Jinbhadragani Ke Ek Ganitya Sutra Ka Rahasya

Here's a comprehensive summary of the provided Jain text, "जिनभद्रगणि के एक गणितीय सूत्र का रहस्य" (The Mystery of a Mathematical Formula of Jinbhadragani) by Dr. Radhacharan Gupta:

This article, authored by Dr. Radhacharan Gupta, delves into a significant mathematical formula presented by the esteemed Jain Acharya Jinbhadragani Kshamashraman. Jinbhadragani, considered the tenth "Yugapradhan" (epochal leader) among Jains, lived around 600 CE. He is renowned for his "Visheshavasthak Bhashya," a commentary on the Samayikadhyayana section of the Avashyakasutra, completed in Shak 531 (609 CE) and comprising approximately 3600 Prakrit verses. Besides this major work, he is credited with numerous other texts and commentaries, including "Kshetravishayas" or "Brihatkshetravishayas," "Brihatsangrahani," "Jeetkalpa," "Dhyanashatak," "Nishithabhashya," and commentaries on the Pragyapana-sutra and Sharirapada.

The focus of this article is specifically on Jinbhadragani's "Brihatkshetravishayas," a work of 637 verses. The author notes that this text was commented upon by several prominent scholars like Haribhadra, Siddhasuri, Malayagiri, Vijaysingh, Devbhadra, Anandasuri, and Devanand, with Malayagiri's commentary being the only one published (in 1920-21 CE by the Jain Dharma Prasarak Sabha in Bhavnagar).

The core of the article lies in the analysis of a particular mathematical formula that Jinbhadragani cited in his "Brihatkshetravishayas" (Chapter 1, verse 122). This formula is designed to calculate the area of a circular segment formed between two parallel chords of a circle (where the segment is less than a semicircle). The author highlights that this formula is unique and its derivation has been a challenge for scholars until now.

The article presents the formula as follows: Let:

• a be the length of the smaller chord (AB).
• b be the length of the larger parallel chord (CD).
• h be the distance between the two parallel chords (LN).

According to Jinbhadragani's formula, the area (K) of the circular segment is given by: K = [√(a² + b²)] * h .....(1)

The author then proposes a simplified derivation for this formula. He acknowledges that the area of the trapezoid (ABHDCGA) formed by connecting the endpoints of the chords would be: T = ½ (a + b) h .....(2)

However, Jinbhadragani, aware that using the trapezoid's area would yield a result significantly less than the actual circular segment area, sought a formula that would provide a greater area. Formula (1) achieves this. The article explains the rationale behind the formula by comparing it to another known formula.

It references a well-established ancient formula relating a chord (c) and the sagitta (height of the segment, g) of a circle with radius R: 4g (2R - g) = c² .....(4)

This formula was also known to Jinbhadragani (Brihatkshetravishayas, Chapter 1, verse 36). Using this, the length of the chord (EF) exactly in the middle of the two parallel chords (AB and CD), passing through the midpoint (M) of their distance (LN), can be calculated as: (EF) = (a + b) / 2 + h²/ (a + b) .....(5) (Note: The provided text has a slight ambiguity in the formula presentation for EF. The interpretation here is based on standard geometric principles for the midpoint chord length in a segment defined by two parallel chords. The text implies a modification of the simple average.)

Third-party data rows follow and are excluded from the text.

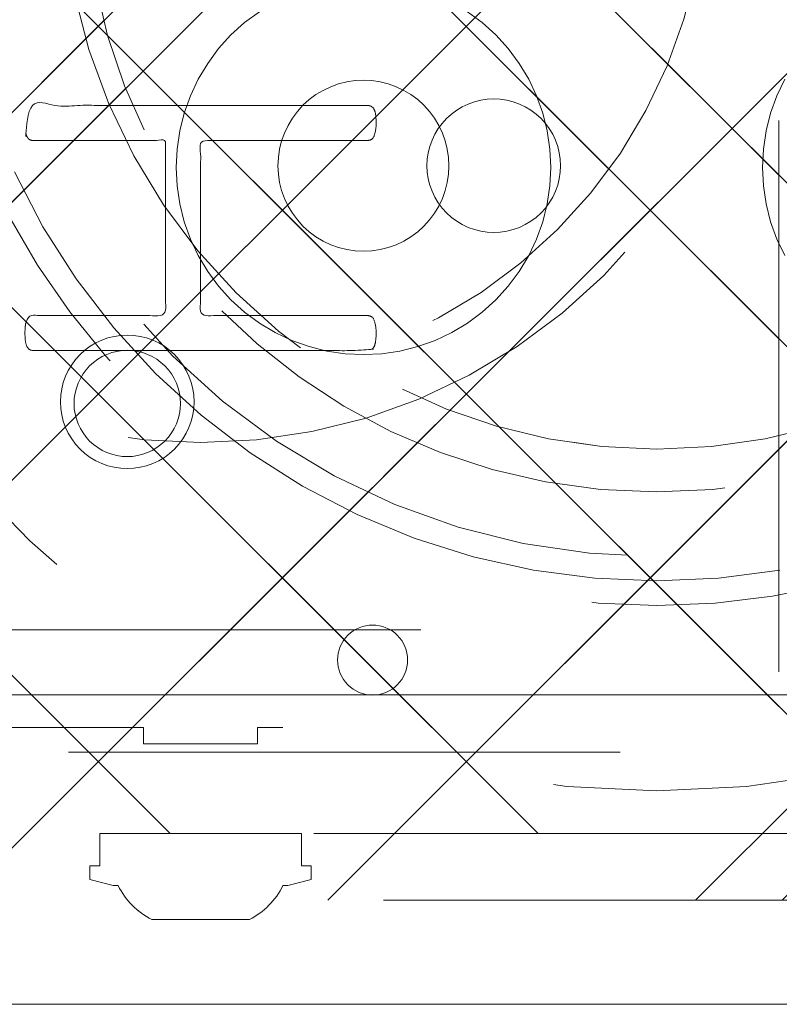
# Model space of a CAD drawing. Header units: inches. Extents: x -463 to -294, y -230 to 12.
# Tile 57 of 68: x -346.94 to -345.11, y 2.43 to 4.81. Entities that reach past the tile are written whole.
import ezdxf

# ---------------------------------------------------------------- set-up
doc = ezdxf.new("R2010")
doc.units = ezdxf.units.IN
doc.header["$LTSCALE"] = 32
doc.header["$MEASUREMENT"] = 0
doc.linetypes.add('Dash Style-1', pattern=[0.083328, 0.041656, -0.041672])
for name, color, linetype, lineweight in [('DashLine', 7, 'Dash Style-1', 13), ('DashLineFill', 7, 'Dash Style-1', 13), ('Metal-DeskStructure', 7, 'Continuous', 13), ('None', 7, 'Continuous', 18), ('SolidLine', 7, 'Continuous', 15), ('Wood_1-H', 7, 'Continuous', 13), ('Wood_1-V', 7, 'Continuous', 13)]:
    doc.layers.add(name, color=color, linetype=linetype, lineweight=lineweight)
pattern_1 = [(45, (0, 0), (-1.61301565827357, 1.935715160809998), []), (45, (-1.0608, 1.0608), (-0.4723460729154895, 0.4167612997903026), [])]

# ---------------------------------------------------------------- blocks, each defined once
blk = doc.blocks.new('1BRPFY-Leg_Plate (2D)')
at = {"layer": 'DashLineFill', "linetype": 'Continuous', "lineweight": 13}
h = blk.add_hatch(dxfattribs=at)
h.set_pattern_fill('Steel', color=253, style=0, pattern_type=2)
h.set_pattern_definition(pattern_1)
edge = h.paths.add_edge_path()
edge.add_arc((-1.704724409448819, -1.704724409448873), 0.125984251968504, 179.9999999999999, 269.9999999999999)
edge.add_line((-1.704724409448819, -1.830708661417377), (1.704724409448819, -1.830708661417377))
edge.add_arc((1.704724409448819, -1.704724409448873), 0.125984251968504, 270.0000000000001, 360.0000000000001)
edge.add_line((1.830708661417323, -1.704724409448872), (1.830708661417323, 1.704724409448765))
edge.add_arc((1.704724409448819, 1.704724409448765), 0.1259842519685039, 0, 90)
edge.add_line((1.704724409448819, 1.830708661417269), (-1.704724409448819, 1.830708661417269))
edge.add_arc((-1.704724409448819, 1.704724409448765), 0.1259842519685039, 90, 180)
edge.add_line((-1.830708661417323, 1.704724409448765), (-1.830708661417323, -1.704724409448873))
at = {"layer": 'DashLineFill', "flags": 128}
blk.add_lwpolyline([(-1.830708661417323, -1.704724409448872, 0.414213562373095), (-1.704724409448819, -1.830708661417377), (1.704724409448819, -1.830708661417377, 0.414213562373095), (1.830708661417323, -1.704724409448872), (1.830708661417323, 1.704724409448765, 0.414213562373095), (1.704724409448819, 1.830708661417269), (-1.704724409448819, 1.830708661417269, 0.414213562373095), (-1.830708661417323, 1.704724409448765)], format="xyb", close=True, dxfattribs=at)
at = {"layer": 'SolidLine', "flags": 128}
for points in [[(-0.7086614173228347, -0.5019685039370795), (-0.6884019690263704, -0.5029637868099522), (-0.668337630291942, -0.5059400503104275), (-0.6486616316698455, -0.5108686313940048), (-0.6295634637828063, -0.5177020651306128), (-0.6112270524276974, -0.5263745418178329), (-0.5938289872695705, -0.5368025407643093), (-0.5775368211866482, -0.5488856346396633), (-0.5625074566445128, -0.5625074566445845), (-0.5488856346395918, -0.5775368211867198), (-0.5368025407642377, -0.5938289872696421), (-0.5263745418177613, -0.611227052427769), (-0.5177020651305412, -0.6295634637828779), (-0.5108686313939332, -0.6486616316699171), (-0.5059400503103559, -0.6683376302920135), (-0.5029637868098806, -0.688401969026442), (-0.5019685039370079, -0.7086614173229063), (-0.5029637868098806, -0.7289208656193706), (-0.5059400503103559, -0.748985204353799), (-0.5108686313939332, -0.7686612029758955), (-0.5177020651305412, -0.7877593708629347), (-0.5263745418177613, -0.8060957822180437), (-0.5368025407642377, -0.8234938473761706), (-0.5488856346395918, -0.8397860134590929), (-0.5625074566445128, -0.8548153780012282), (-0.5775368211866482, -0.8684372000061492), (-0.5938289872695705, -0.8805202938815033), (-0.6112270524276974, -0.8909482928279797), (-0.6295634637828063, -0.8996207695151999), (-0.6486616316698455, -0.9064542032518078), (-0.668337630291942, -0.9113827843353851), (-0.6884019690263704, -0.9143590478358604), (-0.7086614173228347, -0.9153543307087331), (-0.728920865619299, -0.9143590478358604), (-0.7489852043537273, -0.9113827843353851), (-0.7686612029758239, -0.9064542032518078), (-0.7877593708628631, -0.8996207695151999), (-0.8060957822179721, -0.8909482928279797), (-0.823493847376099, -0.8805202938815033), (-0.8397860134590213, -0.8684372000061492), (-0.8548153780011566, -0.8548153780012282), (-0.8684372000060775, -0.8397860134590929), (-0.8805202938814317, -0.8234938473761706), (-0.8909482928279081, -0.8060957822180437), (-0.8996207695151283, -0.7877593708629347), (-0.9064542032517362, -0.7686612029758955), (-0.9113827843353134, -0.748985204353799), (-0.9143590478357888, -0.7289208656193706), (-0.9153543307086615, -0.7086614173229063), (-0.9143590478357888, -0.688401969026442), (-0.9113827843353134, -0.6683376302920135), (-0.9064542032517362, -0.6486616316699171), (-0.8996207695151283, -0.6295634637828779), (-0.8909482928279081, -0.611227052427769), (-0.8805202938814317, -0.5938289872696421), (-0.8684372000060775, -0.5775368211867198), (-0.8548153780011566, -0.5625074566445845), (-0.8397860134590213, -0.5488856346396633), (-0.823493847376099, -0.5368025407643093), (-0.8060957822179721, -0.5263745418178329), (-0.7877593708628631, -0.5177020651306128), (-0.7686612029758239, -0.5108686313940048), (-0.7489852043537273, -0.5059400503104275), (-0.728920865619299, -0.5029637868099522)], [(-1.279527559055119, -1.118110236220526), (-1.263705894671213, -1.118887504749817), (-1.248036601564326, -1.121211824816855), (-1.232670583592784, -1.125060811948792), (-1.217755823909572, -1.130397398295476), (-1.203435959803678, -1.137170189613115), (-1.189848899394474, -1.145313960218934), (-1.177125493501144, -1.154750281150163), (-1.165388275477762, -1.165388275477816), (-1.15475028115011, -1.177125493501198), (-1.145313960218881, -1.189848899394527), (-1.137170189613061, -1.203435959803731), (-1.130397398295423, -1.217755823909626), (-1.125060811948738, -1.232670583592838), (-1.121211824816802, -1.24803660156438), (-1.118887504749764, -1.263705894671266), (-1.118110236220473, -1.279527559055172), (-1.118887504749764, -1.295349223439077), (-1.121211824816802, -1.311018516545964), (-1.125060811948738, -1.326384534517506), (-1.130397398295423, -1.341299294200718), (-1.137170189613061, -1.355619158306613), (-1.145313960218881, -1.369206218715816), (-1.15475028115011, -1.381929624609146), (-1.165388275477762, -1.393666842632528), (-1.177125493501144, -1.404304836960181), (-1.189848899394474, -1.413741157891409), (-1.203435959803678, -1.421884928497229), (-1.217755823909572, -1.428657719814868), (-1.232670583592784, -1.433994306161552), (-1.248036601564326, -1.437843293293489), (-1.263705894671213, -1.440167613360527), (-1.279527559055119, -1.440944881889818), (-1.295349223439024, -1.440167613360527), (-1.311018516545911, -1.437843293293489), (-1.326384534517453, -1.433994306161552), (-1.341299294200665, -1.428657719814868), (-1.355619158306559, -1.421884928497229), (-1.369206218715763, -1.413741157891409), (-1.381929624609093, -1.404304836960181), (-1.393666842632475, -1.393666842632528), (-1.404304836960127, -1.381929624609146), (-1.413741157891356, -1.369206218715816), (-1.421884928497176, -1.355619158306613), (-1.428657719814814, -1.341299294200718), (-1.433994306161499, -1.326384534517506), (-1.437843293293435, -1.311018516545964), (-1.440167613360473, -1.295349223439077), (-1.440944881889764, -1.279527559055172), (-1.440167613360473, -1.263705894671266), (-1.437843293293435, -1.24803660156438), (-1.433994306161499, -1.232670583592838), (-1.428657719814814, -1.217755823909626), (-1.421884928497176, -1.203435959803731), (-1.413741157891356, -1.189848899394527), (-1.404304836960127, -1.177125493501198), (-1.393666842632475, -1.165388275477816), (-1.381929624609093, -1.154750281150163), (-1.369206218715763, -1.145313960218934), (-1.355619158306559, -1.137170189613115), (-1.341299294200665, -1.130397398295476), (-1.326384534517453, -1.125060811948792), (-1.311018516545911, -1.121211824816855), (-1.295349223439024, -1.118887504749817)]]:
    blk.add_lwpolyline(points, close=True, dxfattribs=at)
blk = doc.blocks.new('1BRPX5-Util_Bkt_Sm-F (2D)')
at = {"layer": 'DashLineFill', "linetype": 'Continuous', "lineweight": 13}
h = blk.add_hatch(dxfattribs=at)
h.set_pattern_fill('Steel', color=253, style=0, pattern_type=2)
h.set_pattern_definition(pattern_1)
edge = h.paths.add_edge_path()
edge.add_line((-4.468503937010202, 4.413385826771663), (-3.12992125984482, 4.413385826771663))
edge.add_line((-3.12992125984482, 4.413385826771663), (-3.12992125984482, -1.854330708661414))
edge.add_line((-3.12992125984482, -1.854330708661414), (-4.468503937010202, -1.854330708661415))
edge.add_line((-4.468503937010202, -1.854330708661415), (-4.468503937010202, -1.988188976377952))
edge.add_line((-4.468503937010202, -1.988188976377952), (-2.421259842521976, -1.988188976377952))
edge.add_line((-2.421259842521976, -1.988188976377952), (-2.421259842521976, -2.366141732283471))
edge.add_arc((-2.303149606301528, -2.366141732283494), 0.1181102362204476, 179.9999999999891, 270.000000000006)
edge.add_line((-2.303149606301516, -2.484251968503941), (2.303149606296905, -2.484251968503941))
edge.add_arc((2.303149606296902, -2.366141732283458), 0.1181102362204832, 270.0000000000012, 359.9999999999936)
edge.add_line((2.421259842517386, -2.366141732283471), (2.421259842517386, -1.988188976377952))
edge.add_line((2.421259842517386, -1.988188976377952), (4.468503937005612, -1.988188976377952))
edge.add_line((4.468503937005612, -1.988188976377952), (4.468503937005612, -1.854330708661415))
edge.add_line((4.468503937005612, -1.854330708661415), (3.12992125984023, -1.854330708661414))
edge.add_line((3.12992125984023, -1.854330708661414), (3.12992125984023, 4.413385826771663))
edge.add_line((3.12992125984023, 4.413385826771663), (4.468503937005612, 4.413385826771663))
edge.add_line((4.468503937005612, 4.413385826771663), (4.468503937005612, 4.547244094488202))
edge.add_line((4.468503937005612, 4.547244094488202), (2.421259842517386, 4.547244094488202))
edge.add_line((2.421259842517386, 4.547244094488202), (2.421259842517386, 4.925196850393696))
edge.add_arc((2.303149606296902, 4.925196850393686), 0.1181102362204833, 5.365542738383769e-12, 89.99999999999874)
edge.add_line((2.303149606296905, 5.043307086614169), (-2.303149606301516, 5.043307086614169))
edge.add_arc((-2.303149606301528, 4.92519685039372), 0.1181102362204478, 89.99999999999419, 180.0000000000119)
edge.add_line((-2.421259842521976, 4.925196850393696), (-2.421259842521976, 4.547244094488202))
edge.add_line((-2.421259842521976, 4.547244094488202), (-4.468503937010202, 4.547244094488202))
edge.add_line((-4.468503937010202, 4.547244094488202), (-4.468503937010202, 4.413385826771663))
at = {"layer": 'DashLineFill', "flags": 128}
blk.add_lwpolyline([(-4.468503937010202, 4.413385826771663), (-3.12992125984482, 4.413385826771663), (-3.12992125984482, -1.854330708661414), (-4.468503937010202, -1.854330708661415), (-4.468503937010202, -1.988188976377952), (-2.421259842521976, -1.988188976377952), (-2.421259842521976, -2.366141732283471, 0.4142135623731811), (-2.303149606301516, -2.484251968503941), (2.303149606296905, -2.484251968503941, 0.4142135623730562), (2.421259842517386, -2.366141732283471), (2.421259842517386, -1.988188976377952), (4.468503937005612, -1.988188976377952), (4.468503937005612, -1.854330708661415), (3.12992125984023, -1.854330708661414), (3.12992125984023, 4.413385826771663), (4.468503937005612, 4.413385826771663), (4.468503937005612, 4.547244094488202), (2.421259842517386, 4.547244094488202), (2.421259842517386, 4.925196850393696, 0.4142135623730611), (2.303149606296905, 5.043307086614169), (-2.303149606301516, 5.043307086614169, 0.4142135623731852), (-2.421259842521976, 4.925196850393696), (-2.421259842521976, 4.547244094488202), (-4.468503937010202, 4.547244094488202)], format="xyb", close=True, dxfattribs=at)
at = {"layer": 'SolidLine', "flags": 128}
for points in [[(-0.4571237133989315, -0.3361456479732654), (-0.4214361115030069, -0.3626133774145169), (-0.3885146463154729, -0.3924516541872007), (-0.3586763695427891, -0.4253731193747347), (-0.3322086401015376, -0.4610607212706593), (-0.3093663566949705, -0.4991707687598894), (-0.2903695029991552, -0.5393362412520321), (-0.2754010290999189, -0.5811703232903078), (-0.2646050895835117, -0.6242701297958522), (-0.2580856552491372, -0.6682205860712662), (-0.2559055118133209, -0.7125984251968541), (-0.2580856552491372, -0.756976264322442), (-0.2646050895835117, -0.800926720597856), (-0.2754010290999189, -0.8440265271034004), (-0.2903695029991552, -0.8858606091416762), (-0.3093663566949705, -0.9260260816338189), (-0.3322086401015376, -0.9641361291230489), (-0.3586763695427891, -0.9998237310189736), (-0.3885146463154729, -1.032745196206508), (-0.4214361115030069, -1.062583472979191), (-0.4571237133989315, -1.089051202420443), (-0.4952337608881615, -1.11189348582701), (-0.5353992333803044, -1.130890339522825), (-0.57723331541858, -1.145858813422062), (-0.6203331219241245, -1.156654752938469), (-0.6642835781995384, -1.163174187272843), (-0.7086614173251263, -1.16535433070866), (-0.7530392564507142, -1.163174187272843), (-0.7969897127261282, -1.156654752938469), (-0.8400895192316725, -1.145858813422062), (-0.8819236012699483, -1.130890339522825), (-0.9220890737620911, -1.11189348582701), (-0.9601991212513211, -1.089051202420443), (-0.9958867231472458, -1.062583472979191), (-1.02880818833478, -1.032745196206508), (-1.058646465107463, -0.9998237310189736), (-1.085114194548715, -0.9641361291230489), (-1.107956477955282, -0.9260260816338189), (-1.126953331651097, -0.8858606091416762), (-1.141921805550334, -0.8440265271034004), (-1.152717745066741, -0.800926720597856), (-1.159237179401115, -0.756976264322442), (-1.161417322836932, -0.7125984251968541), (-1.159237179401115, -0.6682205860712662), (-1.152717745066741, -0.6242701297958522), (-1.141921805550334, -0.5811703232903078), (-1.126953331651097, -0.5393362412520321), (-1.107956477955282, -0.4991707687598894), (-1.085114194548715, -0.4610607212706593), (-1.058646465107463, -0.4253731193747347), (-1.02880818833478, -0.3924516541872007), (-0.9958867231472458, -0.3626133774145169), (-0.9601991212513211, -0.3361456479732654)], [(0.3093663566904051, -0.9260260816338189), (0.2903695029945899, -0.8858606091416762), (0.2754010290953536, -0.8440265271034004), (0.2646050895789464, -0.800926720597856), (0.2580856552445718, -0.756976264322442), (0.2559055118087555, -0.7125984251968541), (0.2580856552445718, -0.6682205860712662), (0.2646050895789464, -0.6242701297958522), (0.2754010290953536, -0.5811703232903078), (0.2903695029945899, -0.5393362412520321), (0.3093663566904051, -0.4991707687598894)]]:
    blk.add_lwpolyline(points, dxfattribs=at)
blk.add_lwpolyline([(-1.279527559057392, -1.154964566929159), (-1.266932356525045, -1.155583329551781), (-1.254458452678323, -1.157433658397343), (-1.242225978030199, -1.160497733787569), (-1.230352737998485, -1.164746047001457), (-1.21895307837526, -1.170137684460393), (-1.208136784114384, -1.176620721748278), (-1.198008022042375, -1.184132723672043), (-1.188664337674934, -1.192601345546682), (-1.180195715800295, -1.201945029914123), (-1.17268371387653, -1.212073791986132), (-1.166200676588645, -1.222890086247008), (-1.160809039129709, -1.234289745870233), (-1.156560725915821, -1.246162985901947), (-1.153496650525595, -1.258395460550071), (-1.151646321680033, -1.270869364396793), (-1.151027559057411, -1.28346456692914), (-1.151646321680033, -1.296059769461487), (-1.153496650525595, -1.308533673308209), (-1.156560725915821, -1.320766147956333), (-1.160809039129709, -1.332639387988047), (-1.166200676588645, -1.344039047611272), (-1.17268371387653, -1.354855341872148), (-1.180195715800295, -1.364984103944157), (-1.188664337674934, -1.374327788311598), (-1.198008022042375, -1.382796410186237), (-1.208136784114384, -1.390308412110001), (-1.21895307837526, -1.396791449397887), (-1.230352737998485, -1.402183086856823), (-1.242225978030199, -1.406431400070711), (-1.254458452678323, -1.409495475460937), (-1.266932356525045, -1.411345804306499), (-1.279527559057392, -1.411964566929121), (-1.292122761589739, -1.411345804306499), (-1.304596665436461, -1.409495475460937), (-1.316829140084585, -1.406431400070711), (-1.328702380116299, -1.402183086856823), (-1.340102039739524, -1.396791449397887), (-1.3509183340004, -1.390308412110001), (-1.361047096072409, -1.382796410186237), (-1.37039078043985, -1.374327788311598), (-1.378859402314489, -1.364984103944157), (-1.386371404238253, -1.354855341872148), (-1.392854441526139, -1.344039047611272), (-1.398246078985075, -1.332639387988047), (-1.402494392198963, -1.320766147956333), (-1.405558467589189, -1.308533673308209), (-1.407408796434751, -1.296059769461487), (-1.408027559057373, -1.28346456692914), (-1.407408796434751, -1.270869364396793), (-1.405558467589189, -1.258395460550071), (-1.402494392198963, -1.246162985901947), (-1.398246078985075, -1.234289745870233), (-1.392854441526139, -1.222890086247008), (-1.386371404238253, -1.212073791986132), (-1.378859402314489, -1.201945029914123), (-1.37039078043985, -1.192601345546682), (-1.361047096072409, -1.184132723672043), (-1.3509183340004, -1.176620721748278), (-1.340102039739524, -1.170137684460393), (-1.328702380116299, -1.164746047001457), (-1.316829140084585, -1.160497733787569), (-1.304596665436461, -1.157433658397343), (-1.292122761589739, -1.155583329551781)], close=True, dxfattribs=at)
blk = doc.blocks.new('Slate-LegBrace (2D)')
at = {"layer": 'DashLineFill', "linetype": 'Continuous', "lineweight": 13}
h = blk.add_hatch(dxfattribs=at)
h.set_pattern_fill('Steel', color=253, style=0, pattern_type=2)
h.set_pattern_definition(pattern_1)
edge = h.paths.add_edge_path()
edge.add_line((-2.199587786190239, -0.1351515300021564), (-1.374775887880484, -0.1351515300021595))
edge.add_arc((3.636636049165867e-15, -0.01355418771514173), 1.380142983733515, 185.0545920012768, 354.9454079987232)
edge.add_line((1.374775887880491, -0.13515153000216), (2.199718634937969, -0.1351515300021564))
edge.add_arc((6.54243738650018e-05, -0.01705725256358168), 2.202821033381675, 183.0731271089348, 356.92687289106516, ccw=False)
h = blk.add_hatch(dxfattribs=at)
h.set_pattern_fill('Steel', color=253, style=0, pattern_type=2)
h.set_pattern_definition(pattern_1)
edge = h.paths.add_edge_path()
edge.add_line((2.191696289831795, -0.2375138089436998), (1.463739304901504, -0.2375137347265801))
edge.add_arc((-6.542437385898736e-05, -0.01704129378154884), 1.480314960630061, 188.5652811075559, 351.4347188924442, ccw=False)
edge.add_line((-1.463870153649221, -0.2375137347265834), (-2.191827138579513, -0.2375138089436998))
edge.add_line((-2.191827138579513, -0.2375138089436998), (-2.199718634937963, -0.1351515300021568))
edge.add_line((-2.199718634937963, -0.1351515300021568), (-1.374775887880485, -0.1351515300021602))
edge.add_arc((2.937282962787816e-15, -0.01355418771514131), 1.380142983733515, 185.0545920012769, 354.9454079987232)
edge.add_line((1.37477588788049, -0.1351515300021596), (2.199587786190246, -0.1351515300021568))
edge.add_line((2.199587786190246, -0.1351515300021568), (2.191696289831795, -0.2375138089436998))
h = blk.add_hatch(dxfattribs=at)
h.set_pattern_fill('Steel', color=253, style=0, pattern_type=2)
h.set_pattern_definition(pattern_1)
h.paths.add_polyline_path([(-0.6866374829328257, -1.819226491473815), (-0.6783410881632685, -1.819634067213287), (-0.670124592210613, -1.820852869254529), (-0.6620671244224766, -1.822871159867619), (-0.6542462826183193, -1.825669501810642), (-0.6467373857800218, -1.829220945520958), (-0.6396127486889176, -1.833491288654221), (-0.6329409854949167, -1.83843940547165), (-0.6267863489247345, -1.844017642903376), (-0.6212081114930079, -1.850172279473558), (-0.6162599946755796, -1.856844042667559), (-0.6119896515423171, -1.863968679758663), (-0.6084382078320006, -1.871477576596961), (-0.6056398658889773, -1.879298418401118), (-0.6036215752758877, -1.887355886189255), (-0.6024027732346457, -1.89557238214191), (-0.6019951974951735, -1.903868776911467), (-0.6024027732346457, -1.912165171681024), (-0.6036215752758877, -1.92038166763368), (-0.6056398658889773, -1.928439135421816), (-0.6084382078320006, -1.936259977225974), (-0.6119896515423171, -1.943768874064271), (-0.6162599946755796, -1.950893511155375), (-0.6212081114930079, -1.957565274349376), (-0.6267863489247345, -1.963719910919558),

The author clarifies that using the length of a chord GH which is intermediate to the chords AB and CD, as implied by Jinbhadragani's approach to find a better approximation, is what leads to his formula. The formula (a + b²)/2 represents an effective average length, and multiplying it by the distance h yields Jinbhadragani's formula (1). This approach demonstrates Jinbhadragani's mathematical ingenuity in finding an intermediate value that provides a more accurate area than the simple trapezoidal approximation.

The article concludes by highlighting the significant role of mathematics in Jain scriptures, particularly in subjects like the division of space (lok-alok), the changes of epochs (yuga-parivartan), and the descriptions of different modes of existence (gati). It points to advanced mathematical concepts found in texts like Dhavala, Tiloyapannatti, Rajavartika, and Trilokasara, citing an example from Bhagavat Bhutabali's Dhavala regarding the extensive numerical system used by Jain Acharyas.

In essence, the article provides an insightful exploration of a unique and historically significant mathematical formula by Jinbhadragani, offering a simplified derivation and placing it within the broader context of Jain mathematical achievements.